From: Fujii Masao <masao(dot)fujii(at)gmail(dot)com>
To: "Jamison, Kirk" <k(dot)jamison(at)jp(dot)fujitsu(dot)com>
Cc: Thomas Munro <thomas(dot)munro(at)gmail(dot)com>, Masahiko Sawada <sawada(dot)mshk(at)gmail(dot)com>, "Tsunakawa, Takayuki" <tsunakawa(dot)takay(at)jp(dot)fujitsu(dot)com>, Tomas Vondra <tomas(dot)vondra(at)2ndquadrant(dot)com>, "pgsql-hackers(at)postgresql(dot)org" <pgsql-hackers(at)postgresql(dot)org>, Adrien Nayrat <adrien(dot)nayrat(at)anayrat(dot)info>
Subject: Re: [PATCH] Speedup truncates of relation forks
Date: 2019-09-03 12:44:25
Message-ID: CAHGQGwHwgi55SLP7Zpgaea9-poveVCd+TRTNixdHDYEZ3LDhMw@mail.gmail.com
Views: Raw Message | Whole Thread | Download mbox | Resend email
Thread:
Lists: pgsql-hackers

On Wed, Jul 24, 2019 at 9:58 AM Jamison, Kirk <k(dot)jamison(at)jp(dot)fujitsu(dot)com> wrote:
>
> Hi,
>
> I repeated the recovery performance test before, and found out that I made a
> wrong measurement.
> Using the same steps indicated in the previous email (24GB shared_buffers for my case),
> the recovery time still significantly improved compared to head
> from "13 minutes" to "4 minutes 44 seconds" //not 30 seconds.
> It's expected because the measurement of vacuum execution time (no failover)
> which I reported in the first email is about the same (although 5 minutes):
> > HEAD results
> > 3) 24GB shared_buffers = 14 min 13.598 s
> > PATCH results
> > 3) 24GB shared_buffers = 5 min 35.848 s
>
>
> Reattaching the patch here again.
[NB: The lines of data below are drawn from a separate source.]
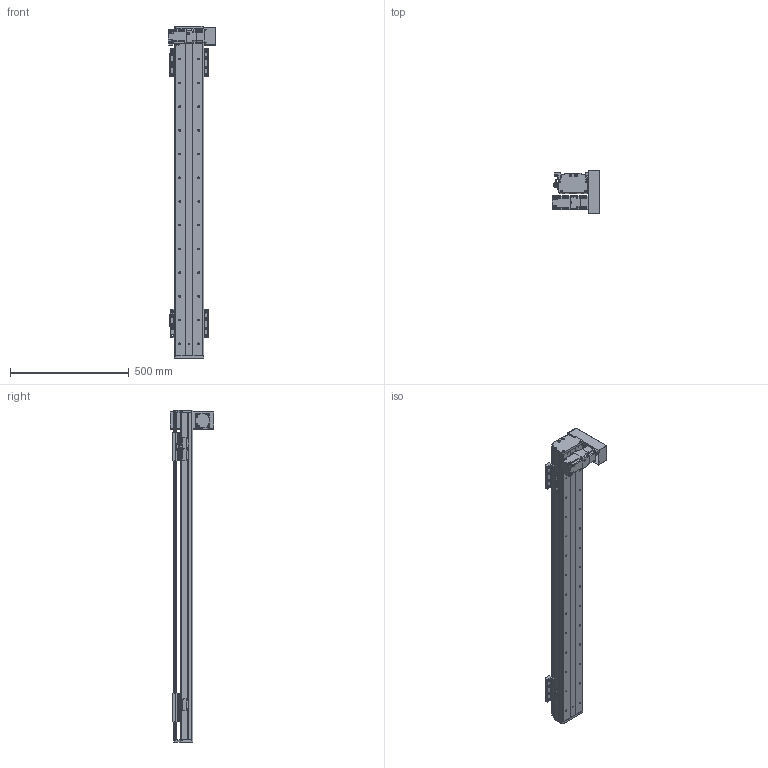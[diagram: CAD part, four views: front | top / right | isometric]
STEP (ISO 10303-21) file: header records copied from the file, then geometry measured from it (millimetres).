
FILE_DESCRIPTION(/* description */ (''),/* implementation_level */ '2;1');
FILE_NAME(/* name */ 'C:\Users\PC\Desktop\3D도면\STEP\새 폴더\DSB125-DR2G-W1100-L.stp',/* time_stamp */ '2018-06-21T14:58:57+09:00',/* author */ ('PC'),/* organization */ (''),/* preprocessor_version */ 'ST-DEVELOPER v16.5',/* originating_system */ 'Autodesk Inventor 2017',/* authorisation */ '');
FILE_SCHEMA (('AUTOMOTIVE_DESIGN { 1 0 10303 214 3 1 1 }'));
Length unit declared in the file: millimetre
Products named in the file (12): DSB125-DL2G-W1100-R_MIR; DSB125-BASE_MIR; DSB125-FRONT COVER_MIR; DSB125-REAR COVER_MIR; DSB125-UP COVER_MIR; hg-kr23__MIR; ab0601-p0401200402_MIR; 13-BELT COVER_MIR; DSR125-SENSOR DOG_MIR; pm-y65_step_MIR; SENSOR BRACKET(EE-SX674A)_MIR; DSB125-TABLE(MSB15S)_MIR
Assembly tree (16 placements, depth 2):
  DSB125-DL2G-W1100-R_MIR
    DSB125-BASE_MIR
    DSB125-FRONT COVER_MIR
    DSB125-REAR COVER_MIR
    DSB125-UP COVER_MIR
    hg-kr23__MIR
    ab0601-p0401200402_MIR
    13-BELT COVER_MIR
    DSR125-SENSOR DOG_MIR
    pm-y65_step_MIR  x3
    SENSOR BRACKET(EE-SX674A)_MIR  x3
    DSB125-TABLE(MSB15S)_MIR  x2
Bounding box: 202.1 x 182 x 1400 mm (x, y, z)
Volume: 5099917.5 mm3; surface area: 1468497 mm2
Topology: 17 solids, 17 shells, 1667 faces, 4520 edges, 2978 vertices
Faces by surface type: plane 903, cylinder 634, cone 118, sphere 8, torus 4
Full cylindrical faces by diameter (mm): 2.459 x20, 3.242 x16, 3.5 x6, 4 x1, 4.134 x16, 4.2 x4, 4.3 x1, 4.5 x50, 4.917 x20, 5 x22, 5.3 x1, 5.5 x4, 5.6 x8, 5.8 x4, 5.9 x8, 6 x4, 6.6 x22, 6.647 x28, 7.5 x32, 8.5 x8, 8.7 x1, 11 x22, 14 x1, 16 x2, 17 x1, 20 x1, 47 x1, 50 x3
Entity records: 36137 total; most frequent: CARTESIAN_POINT 6507, DIRECTION 6138, ORIENTED_EDGE 5490, EDGE_CURVE 2745, AXIS2_PLACEMENT_3D 2257, VERTEX_POINT 1954, EDGE_LOOP 1685, LINE 1624

The V5 of the patch fixed the compile error
> mentioned before and mainly addressed the comments/advice of Sawada-san.
> - updated more accurate comments describing only current behavior, not history
> - updated function name: visibilitymap_truncate_prepare()
> - moved the setting of values for smgr_{fsm,vm}_nblocks inside the smgrtruncate()
>
> I'd be grateful if anyone could provide comments, advice, or insights.
> Thank you again in advance.

Thanks for the patch!

-smgrdounlinkfork(SMgrRelation reln, ForkNumber forknum, bool isRedo)
+smgrdounlinkfork(SMgrRelation reln, ForkNumber *forknum, int nforks,
bool isRedo)

smgrdounlinkfork() is dead code. Per the discussion [1], this unused
function was left intentionally. But it's still dead code since 2012,
so I'd like to remove it. Or, even if we decide to keep that function
for some reasons, I don't think that we need to update that so that
it can unlink multiple forks at once. So, what about keeping
smgrdounlinkfork() as it is?

[1]
https://www.postgresql.org/message-id/1471.1339106082@sss.pgh.pa.us

+ for (int i = 0; i < nforks; i++)

The variable "i" should not be declared in for loop
per PostgreSQL coding style.

+ /* Check with the lower bound block number and skip the loop */
+ if (bufHdr->tag.blockNum < minBlock)
+ continue; /* skip checking the buffer pool scan */

Because of the above code, the following source comment in bufmgr.c
should be updated.

* We could check forkNum and blockNum as well as the rnode, but the
* incremental win from doing so seems small.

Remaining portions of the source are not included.